McKinsey and its owners/partners were also accused of benefiting from the plans’ management. The complaint explains that McKinsey’s partners—current and former—have more than $4 billion invested with MIO through private funds outside the plans. “MIO routinely invests the plans’ portfolios alongside partners’ personal funds in order to subsidize or defray partners’ expenses in these funds. Indeed, the plans’ participants pay MIO annual management fees of close to 1% of the assets MIO oversees, yet MIO offers the exact same services, and makes the same investments, for McKinsey’s partners at no cost to the partners. As a result, the plans are effectively paying for the free investment services that MIO is providing to McKinsey’s partners.
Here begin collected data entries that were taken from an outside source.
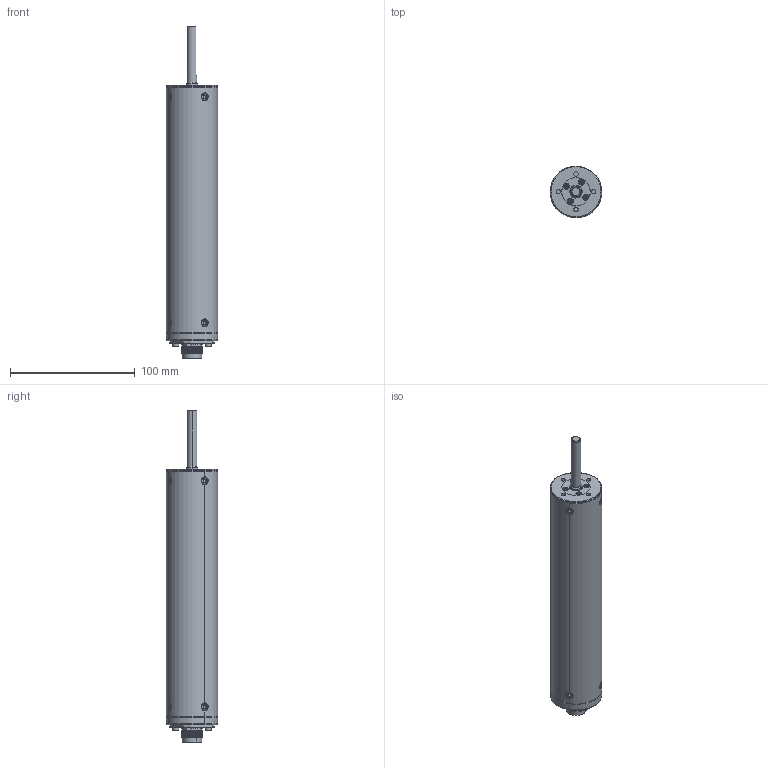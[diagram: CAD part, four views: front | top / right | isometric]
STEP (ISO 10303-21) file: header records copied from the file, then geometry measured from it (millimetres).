
FILE_DESCRIPTION (( 'STEP AP203' ), '1' );
FILE_NAME ('MDM-SR20-UM1000-1.STEP', '2023-08-09T05:05:40', ( '' ), ( '' ), 'SwSTEP 2.0', 'SolidWorks 2021', '' );
FILE_SCHEMA (( 'CONFIG_CONTROL_DESIGN' ));
Length unit declared in the file: inch
Products named in the file (1): MDM-SR20-UM1000-1
Bounding box: 41.27 x 41.27 x 266.54 mm (x, y, z)
Surface area: 36799.5 mm2 (no closed solid volume)
Topology: 0 solids, 31 shells, 420 faces, 1030 edges, 639 vertices
Faces by surface type: cone 153, plane 130, cylinder 126, torus 8, bspline 3
Entity records: 16808 total; most frequent: CARTESIAN_POINT 7175, DIRECTION 1992, ORIENTED_EDGE 1853, EDGE_CURVE 1026, AXIS2_PLACEMENT_3D 782, VERTEX_POINT 639, EDGE_LOOP 468, VECTOR 428

Had McKinsey’s partners simply paid their fair share of MIO’s expenses, the plans would have saved over $70 million in fees since 2013,” the complaint states.

In addition, the lawsuit alleged that McKinsey failed to appropriately monitor and control the plans’ recordkeeping expenses, and has paid a portion of these charges to itself. “Each participant pays approximately $95 per year or more for recordkeeping services (out of a total $160 annual administrative charge). This is more than twice the reasonable market rate for similarly sized plans (approximately $30 to $40 per participant), and McKinsey improperly retains around 25% of the recordkeeping charge for itself. Notably, while industry-wide recordkeeping expenses were cut in half on a per-participant between 2006 and 2016, the plans’ per-participant recordkeeping fee in 2017 was 50% higher than it was in 2006, despite significant growth in the number of participants that should have translated into lower per-participant fees,” the complaint says.

The defendants faced claims for breach of the ERISA fiduciary duties of loyalty and prudence and prohibited transactions under ERISA. McKinsey also faced a claim for failure to monitor other fiduciaries.

In addition to the $39.5 million payment, McKinsey has agreed to provide prospective relief, including:

  • For a period of no less than three years, McKinsey defendants will retain an independent investment consultant to provide ongoing review of the investment options in the plans, and review and approve any communications to participants regarding the plans’ investment options;
  • Also for a period of no less than three years, all expense reimbursements by the plans to McKinsey, MIO or any other affiliated person or entity will be reviewed and approved by an independent fiduciary—paid for by McKinsey—who will have final discretion to approve or reject reimbursements; and
  • Before the expiration of the current agreement between McKinsey and the plans’ recordkeeper, McKinsey will issue a request for proposals (RFP) for recordkeeping services.
The settlement agreement says it is not to be construed as evidence or admission of any wrongdoing by the defendants.